A small update on the one test that's failing in this PR:

outdated (failing test now resolved - tidyselect errors "lazily")

I mischaracterized the issue. Regardless of whether the input is an agent or a table, the validation step will immediately resolve the column. The difference is just whether columns is resolved by tidyselect, which triggers an immediate error for non-existent columns.

So even on the main branch, if I swap vars("z") with something that gets passed to tidyselect (like the symbol z or even just "z"), then that errors:

library(pointblank)
create_agent(small_table) %>% col_vals_not_null(vars("z")) %>% is("ptblank_agent")
#> [1] TRUE
create_agent(small_table) %>% col_vals_not_null(vars(z))   %>% is("ptblank_agent")
#> [1] TRUE
create_agent(small_table) %>% col_vals_not_null(z)         %>% is("ptblank_agent")
#> Error in `resolve_expr_to_cols()`:
#> ! Can't subset columns that don't exist.
#> ✖ Column `z` doesn't exist.
create_agent(small_table) %>% col_vals_not_null("z")       %>% is("ptblank_agent")
#> Error in `resolve_expr_to_cols()`:
#> ! Can't subset columns that don't exist.
#> ✖ Column `z` doesn't exist.

So I think this raises an additional question (which would also be nice to resolve with this PR):

Is the current behavior of vars() above a feature, an off-label usage, or a bug?
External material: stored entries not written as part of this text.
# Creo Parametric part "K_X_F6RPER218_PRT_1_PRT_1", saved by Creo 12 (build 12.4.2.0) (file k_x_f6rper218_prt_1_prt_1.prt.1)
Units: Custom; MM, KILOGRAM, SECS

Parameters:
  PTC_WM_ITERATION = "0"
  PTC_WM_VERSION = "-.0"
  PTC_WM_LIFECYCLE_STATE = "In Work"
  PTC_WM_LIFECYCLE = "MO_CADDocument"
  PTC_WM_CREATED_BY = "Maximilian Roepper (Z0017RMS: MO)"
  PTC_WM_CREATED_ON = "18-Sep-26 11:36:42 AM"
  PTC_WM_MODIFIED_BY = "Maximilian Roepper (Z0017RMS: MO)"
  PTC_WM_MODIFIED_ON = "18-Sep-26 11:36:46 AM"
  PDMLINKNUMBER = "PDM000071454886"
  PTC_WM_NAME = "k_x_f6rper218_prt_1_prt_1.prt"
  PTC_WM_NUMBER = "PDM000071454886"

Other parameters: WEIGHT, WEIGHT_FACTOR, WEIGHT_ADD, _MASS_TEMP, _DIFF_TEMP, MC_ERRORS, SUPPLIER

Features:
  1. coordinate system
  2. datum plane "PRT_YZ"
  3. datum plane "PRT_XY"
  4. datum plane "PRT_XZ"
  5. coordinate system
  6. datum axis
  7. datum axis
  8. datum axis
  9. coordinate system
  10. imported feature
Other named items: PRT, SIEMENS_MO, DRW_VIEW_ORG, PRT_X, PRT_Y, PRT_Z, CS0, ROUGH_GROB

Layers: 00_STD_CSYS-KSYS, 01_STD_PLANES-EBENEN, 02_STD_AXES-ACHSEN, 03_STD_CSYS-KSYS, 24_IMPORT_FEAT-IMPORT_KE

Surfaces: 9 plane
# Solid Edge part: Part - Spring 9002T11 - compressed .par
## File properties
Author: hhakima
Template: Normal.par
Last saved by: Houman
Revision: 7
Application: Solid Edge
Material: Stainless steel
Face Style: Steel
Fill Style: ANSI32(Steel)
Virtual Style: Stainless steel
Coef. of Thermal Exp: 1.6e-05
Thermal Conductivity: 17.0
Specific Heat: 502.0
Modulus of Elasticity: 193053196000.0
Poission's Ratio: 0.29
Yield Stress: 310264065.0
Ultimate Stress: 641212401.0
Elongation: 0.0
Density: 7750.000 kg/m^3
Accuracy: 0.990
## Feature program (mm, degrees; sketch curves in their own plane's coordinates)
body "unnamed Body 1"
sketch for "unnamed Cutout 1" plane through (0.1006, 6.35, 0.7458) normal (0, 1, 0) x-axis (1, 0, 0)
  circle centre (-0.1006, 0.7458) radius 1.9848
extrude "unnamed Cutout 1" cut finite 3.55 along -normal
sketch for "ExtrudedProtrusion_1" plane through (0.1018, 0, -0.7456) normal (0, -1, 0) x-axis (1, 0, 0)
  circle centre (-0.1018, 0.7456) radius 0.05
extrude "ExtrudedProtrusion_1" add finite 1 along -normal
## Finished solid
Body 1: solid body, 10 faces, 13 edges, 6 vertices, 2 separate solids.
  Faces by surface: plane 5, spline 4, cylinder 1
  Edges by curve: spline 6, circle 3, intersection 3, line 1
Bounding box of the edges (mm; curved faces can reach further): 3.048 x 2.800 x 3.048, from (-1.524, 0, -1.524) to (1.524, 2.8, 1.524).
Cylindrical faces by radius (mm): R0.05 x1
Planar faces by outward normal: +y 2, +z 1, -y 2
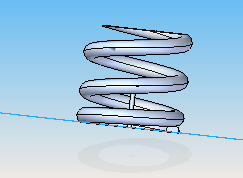
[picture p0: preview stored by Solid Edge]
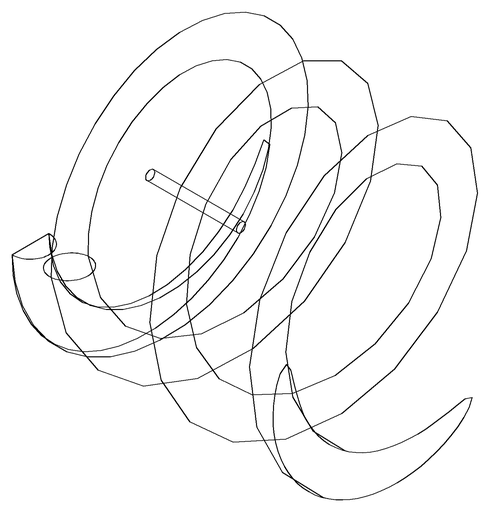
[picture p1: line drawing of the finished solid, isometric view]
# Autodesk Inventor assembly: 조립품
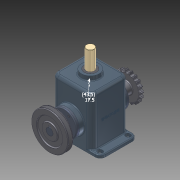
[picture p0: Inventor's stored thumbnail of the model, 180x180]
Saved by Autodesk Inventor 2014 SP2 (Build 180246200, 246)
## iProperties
Created: 2015-03
Part Number: 조립품
Document SubType Name: Assembly
Designer: 201-01
Mass: 8578.94 g
Surface Area: 4386.46 cm^2
Volume: 1982.49 cm^3
Density: 4.32735 g/cm^3
Author: 201-01
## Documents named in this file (15)
- C:\Users\201-01\Desktop\350305V1002\조립품.iam
- C:\Users\201-01\Desktop\350305V1002\본체.ipt
- C:\Users\201-01\Desktop\350305V1002\편심축.ipt
- C:\Users\201-01\Desktop\350305V1002\V-벨트풀리.ipt
- C:\Users\201-01\Desktop\350305V1002\체인 스프로킷.ipt
- C:\Users\201-01\Desktop\350305V1002\커버.ipt
- C:\Users\201-01\Desktop\350305V1002\슬라이드.ipt
- C:\Users\201-01\Desktop\350305V1002\가변스프링.ipt
- C:\Users\201-01\Desktop\350305V1002\베어링 6205.ipt
- C:\Users\201-01\Desktop\350305V1002\오일실.ipt
- C:\Users\201-01\Desktop\350305V1002\부시.ipt
- C:\Users\201-01\Desktop\350305V1002\키 8x8.ipt
- C:\Users\201-01\Desktop\350305V1002\멈춤링.ipt
- C:\Users\201-01\Desktop\350305V1002\M4x0.5.ipt
- C:\Users\201-01\Desktop\350305V1002\멈춤나사 M5x0.5.ipt
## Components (9 placed, 4 different names)
1. V-벨트풀리:1 — 각도:1, 플러쉬:1, 구동부
2. 5-체인 스프로킷:1 — 각도:2, 플러쉬:2
3. 가변스프링:1
4. M4x0.5:1 — 각도:5
5. M4x0.5:2
6. M4x0.5:3
7. M4x0.5:4 — 각도:6
8. M4x0.5:5
9. M4x0.5:6
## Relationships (7: Angle 5, Flush 2)
- 각도:1 [Angle]: V-벨트풀리:1
- 플러쉬:1 [Flush]: V-벨트풀리:1
- 각도:2 [Angle]: 5-체인 스프로킷:1
- 플러쉬:2 [Flush]: 5-체인 스프로킷:1
- 각도:5 [Angle]: M4x0.5:1
- 각도:6 [Angle]: M4x0.5:4
- 구동부 [Angle]: V-벨트풀리:1

More generally, are there any cases in which users would benefit from delaying the validation of column selection until interrogate()?

  • If it is a feature, this PR can keep the exceptional behavior of vars() by just recycling the old implementation (of deparsing its contents immediately and bypassing tidyselect).
  • If it is off-label usage, the PR should signal some process of deprecating/dropping this behavior.
  • If it is a bug, the PR ensures that vars("z") behaves like z, "z" and other selection patterns, so we should remove/edit the test that it's currently failing.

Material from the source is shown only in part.